Check each line below for "highlighted" and give the count of those that have it, nothing else.

-- SUPPLIED MATERIAL follows --

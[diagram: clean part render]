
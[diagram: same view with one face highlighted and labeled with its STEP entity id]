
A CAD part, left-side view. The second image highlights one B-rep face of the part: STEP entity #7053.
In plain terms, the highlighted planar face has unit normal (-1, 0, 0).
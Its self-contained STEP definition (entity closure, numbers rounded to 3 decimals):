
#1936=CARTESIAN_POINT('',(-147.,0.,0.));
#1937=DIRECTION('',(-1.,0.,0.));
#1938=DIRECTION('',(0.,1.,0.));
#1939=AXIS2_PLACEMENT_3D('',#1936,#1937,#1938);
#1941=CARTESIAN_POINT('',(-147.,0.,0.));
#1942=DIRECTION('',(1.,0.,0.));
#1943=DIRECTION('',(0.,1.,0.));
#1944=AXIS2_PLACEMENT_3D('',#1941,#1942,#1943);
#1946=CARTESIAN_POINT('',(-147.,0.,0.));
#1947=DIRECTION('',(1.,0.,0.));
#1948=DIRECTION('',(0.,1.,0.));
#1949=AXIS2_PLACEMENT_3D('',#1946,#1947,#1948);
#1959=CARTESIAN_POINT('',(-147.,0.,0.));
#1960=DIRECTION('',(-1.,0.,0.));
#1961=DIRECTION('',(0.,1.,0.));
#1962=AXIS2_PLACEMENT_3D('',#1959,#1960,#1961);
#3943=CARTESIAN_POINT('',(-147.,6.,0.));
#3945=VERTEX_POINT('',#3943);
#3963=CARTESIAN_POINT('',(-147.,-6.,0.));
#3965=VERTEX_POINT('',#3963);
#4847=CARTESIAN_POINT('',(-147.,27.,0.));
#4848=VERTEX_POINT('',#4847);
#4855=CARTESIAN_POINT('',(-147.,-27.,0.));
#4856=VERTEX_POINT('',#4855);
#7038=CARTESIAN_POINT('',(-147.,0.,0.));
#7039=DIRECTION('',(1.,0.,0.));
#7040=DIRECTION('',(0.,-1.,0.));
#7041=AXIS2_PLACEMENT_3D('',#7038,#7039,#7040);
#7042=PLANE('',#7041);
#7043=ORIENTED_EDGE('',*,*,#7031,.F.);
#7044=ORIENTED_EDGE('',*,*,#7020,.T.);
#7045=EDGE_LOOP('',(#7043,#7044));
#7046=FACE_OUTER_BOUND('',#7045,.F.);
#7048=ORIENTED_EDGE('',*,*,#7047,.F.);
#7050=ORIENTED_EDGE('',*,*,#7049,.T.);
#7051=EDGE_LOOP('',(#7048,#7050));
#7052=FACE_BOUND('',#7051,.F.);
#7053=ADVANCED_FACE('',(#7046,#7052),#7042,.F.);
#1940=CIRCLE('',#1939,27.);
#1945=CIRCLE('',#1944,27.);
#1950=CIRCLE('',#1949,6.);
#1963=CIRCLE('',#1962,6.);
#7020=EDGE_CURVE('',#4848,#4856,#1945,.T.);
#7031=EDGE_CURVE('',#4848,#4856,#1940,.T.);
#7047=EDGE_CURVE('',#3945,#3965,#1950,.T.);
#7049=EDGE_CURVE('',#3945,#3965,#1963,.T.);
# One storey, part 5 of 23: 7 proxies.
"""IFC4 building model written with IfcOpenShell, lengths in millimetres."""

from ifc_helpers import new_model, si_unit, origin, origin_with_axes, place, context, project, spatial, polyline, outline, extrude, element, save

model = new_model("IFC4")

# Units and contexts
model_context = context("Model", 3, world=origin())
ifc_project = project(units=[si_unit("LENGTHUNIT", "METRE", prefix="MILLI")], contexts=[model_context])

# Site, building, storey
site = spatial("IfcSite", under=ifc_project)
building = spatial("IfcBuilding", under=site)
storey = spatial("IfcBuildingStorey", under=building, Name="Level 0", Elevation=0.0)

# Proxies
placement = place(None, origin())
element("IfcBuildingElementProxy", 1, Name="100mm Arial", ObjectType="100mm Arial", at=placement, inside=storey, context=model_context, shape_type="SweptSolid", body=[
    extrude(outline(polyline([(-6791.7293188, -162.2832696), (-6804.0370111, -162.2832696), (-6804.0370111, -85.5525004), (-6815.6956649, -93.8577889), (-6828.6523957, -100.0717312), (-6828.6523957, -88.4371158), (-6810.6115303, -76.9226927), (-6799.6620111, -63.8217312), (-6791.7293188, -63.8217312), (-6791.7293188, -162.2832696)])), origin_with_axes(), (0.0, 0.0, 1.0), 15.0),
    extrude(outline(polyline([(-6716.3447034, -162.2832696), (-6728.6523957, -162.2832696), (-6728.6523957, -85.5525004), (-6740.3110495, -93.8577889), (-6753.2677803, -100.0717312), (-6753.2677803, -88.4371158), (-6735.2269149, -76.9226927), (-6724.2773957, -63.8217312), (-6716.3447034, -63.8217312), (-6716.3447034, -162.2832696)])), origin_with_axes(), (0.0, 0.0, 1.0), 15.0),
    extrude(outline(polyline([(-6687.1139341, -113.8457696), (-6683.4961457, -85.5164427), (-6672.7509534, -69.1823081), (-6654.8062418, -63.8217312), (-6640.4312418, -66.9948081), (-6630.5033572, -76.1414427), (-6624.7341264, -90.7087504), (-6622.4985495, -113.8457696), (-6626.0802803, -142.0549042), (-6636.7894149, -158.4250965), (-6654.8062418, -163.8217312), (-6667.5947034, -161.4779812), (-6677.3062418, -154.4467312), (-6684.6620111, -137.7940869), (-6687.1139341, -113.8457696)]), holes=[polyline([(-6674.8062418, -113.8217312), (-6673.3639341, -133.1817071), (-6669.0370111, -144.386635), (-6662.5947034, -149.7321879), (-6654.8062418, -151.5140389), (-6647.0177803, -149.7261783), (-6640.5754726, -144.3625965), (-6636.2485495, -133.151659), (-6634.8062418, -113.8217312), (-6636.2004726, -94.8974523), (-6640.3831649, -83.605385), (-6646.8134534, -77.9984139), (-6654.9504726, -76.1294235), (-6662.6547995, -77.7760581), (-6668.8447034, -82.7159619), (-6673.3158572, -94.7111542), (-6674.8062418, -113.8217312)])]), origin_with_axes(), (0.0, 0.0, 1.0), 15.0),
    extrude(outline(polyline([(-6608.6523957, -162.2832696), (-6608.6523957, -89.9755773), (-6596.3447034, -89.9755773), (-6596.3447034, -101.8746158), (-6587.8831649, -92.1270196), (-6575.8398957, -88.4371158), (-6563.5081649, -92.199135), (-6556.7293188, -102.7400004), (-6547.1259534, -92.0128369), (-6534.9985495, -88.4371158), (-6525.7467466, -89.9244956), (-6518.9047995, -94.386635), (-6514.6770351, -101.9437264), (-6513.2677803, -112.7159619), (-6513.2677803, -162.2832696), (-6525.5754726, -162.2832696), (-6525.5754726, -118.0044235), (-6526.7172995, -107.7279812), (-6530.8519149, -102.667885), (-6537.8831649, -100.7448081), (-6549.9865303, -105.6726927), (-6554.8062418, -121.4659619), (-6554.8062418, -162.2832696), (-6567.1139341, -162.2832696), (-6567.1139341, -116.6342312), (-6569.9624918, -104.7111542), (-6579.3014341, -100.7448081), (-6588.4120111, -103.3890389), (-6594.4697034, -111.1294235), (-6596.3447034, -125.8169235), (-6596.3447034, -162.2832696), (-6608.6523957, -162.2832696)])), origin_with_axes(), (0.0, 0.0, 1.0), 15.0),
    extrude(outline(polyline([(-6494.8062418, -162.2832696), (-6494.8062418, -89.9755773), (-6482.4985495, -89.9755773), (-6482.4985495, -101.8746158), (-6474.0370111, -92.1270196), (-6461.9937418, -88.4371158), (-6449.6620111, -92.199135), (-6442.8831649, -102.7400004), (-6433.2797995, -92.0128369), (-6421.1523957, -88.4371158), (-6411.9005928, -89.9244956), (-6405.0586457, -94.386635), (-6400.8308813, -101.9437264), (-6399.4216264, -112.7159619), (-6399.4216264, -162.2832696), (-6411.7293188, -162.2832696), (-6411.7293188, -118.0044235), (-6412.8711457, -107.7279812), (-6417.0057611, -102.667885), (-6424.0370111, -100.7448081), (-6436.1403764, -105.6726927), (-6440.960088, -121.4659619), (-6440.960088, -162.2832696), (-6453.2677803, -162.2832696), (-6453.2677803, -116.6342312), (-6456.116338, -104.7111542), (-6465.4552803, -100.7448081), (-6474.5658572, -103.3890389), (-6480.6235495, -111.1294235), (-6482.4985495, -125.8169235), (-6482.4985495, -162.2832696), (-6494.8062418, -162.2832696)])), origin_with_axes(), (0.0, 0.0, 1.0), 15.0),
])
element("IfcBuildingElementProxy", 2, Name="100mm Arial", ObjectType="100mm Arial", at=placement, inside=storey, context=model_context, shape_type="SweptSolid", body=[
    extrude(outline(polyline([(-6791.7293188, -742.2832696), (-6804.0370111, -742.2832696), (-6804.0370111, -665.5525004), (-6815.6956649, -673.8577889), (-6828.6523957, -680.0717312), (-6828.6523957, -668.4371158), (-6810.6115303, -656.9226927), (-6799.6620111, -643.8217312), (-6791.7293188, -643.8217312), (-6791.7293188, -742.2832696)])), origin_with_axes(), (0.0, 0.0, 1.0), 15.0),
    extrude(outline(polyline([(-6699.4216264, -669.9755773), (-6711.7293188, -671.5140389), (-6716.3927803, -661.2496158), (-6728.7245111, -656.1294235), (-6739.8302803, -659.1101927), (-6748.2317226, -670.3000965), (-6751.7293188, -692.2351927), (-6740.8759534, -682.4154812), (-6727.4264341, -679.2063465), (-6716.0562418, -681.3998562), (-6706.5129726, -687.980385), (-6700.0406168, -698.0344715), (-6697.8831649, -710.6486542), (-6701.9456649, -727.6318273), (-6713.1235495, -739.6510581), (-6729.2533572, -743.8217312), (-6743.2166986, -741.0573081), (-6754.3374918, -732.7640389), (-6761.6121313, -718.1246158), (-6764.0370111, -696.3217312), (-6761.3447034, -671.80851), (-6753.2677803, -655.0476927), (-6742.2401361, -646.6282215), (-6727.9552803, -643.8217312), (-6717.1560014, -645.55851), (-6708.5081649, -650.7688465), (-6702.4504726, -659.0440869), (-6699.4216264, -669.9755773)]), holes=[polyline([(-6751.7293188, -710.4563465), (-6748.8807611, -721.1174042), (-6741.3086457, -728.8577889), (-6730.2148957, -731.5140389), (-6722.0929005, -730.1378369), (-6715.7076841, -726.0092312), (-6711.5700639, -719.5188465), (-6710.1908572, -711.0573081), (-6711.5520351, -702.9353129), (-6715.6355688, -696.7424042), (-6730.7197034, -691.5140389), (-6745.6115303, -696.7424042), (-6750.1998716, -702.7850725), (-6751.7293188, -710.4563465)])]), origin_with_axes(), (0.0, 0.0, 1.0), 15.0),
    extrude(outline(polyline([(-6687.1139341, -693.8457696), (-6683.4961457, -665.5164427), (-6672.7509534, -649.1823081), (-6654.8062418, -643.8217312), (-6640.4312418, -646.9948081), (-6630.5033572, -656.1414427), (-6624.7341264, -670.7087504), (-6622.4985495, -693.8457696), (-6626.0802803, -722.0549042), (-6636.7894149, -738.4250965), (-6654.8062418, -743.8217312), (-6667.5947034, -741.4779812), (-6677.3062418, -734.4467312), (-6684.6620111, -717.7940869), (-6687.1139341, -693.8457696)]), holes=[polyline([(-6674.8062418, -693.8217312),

-- SUPPLIED MATERIAL concluded --

- YOUR SOLUTION -
2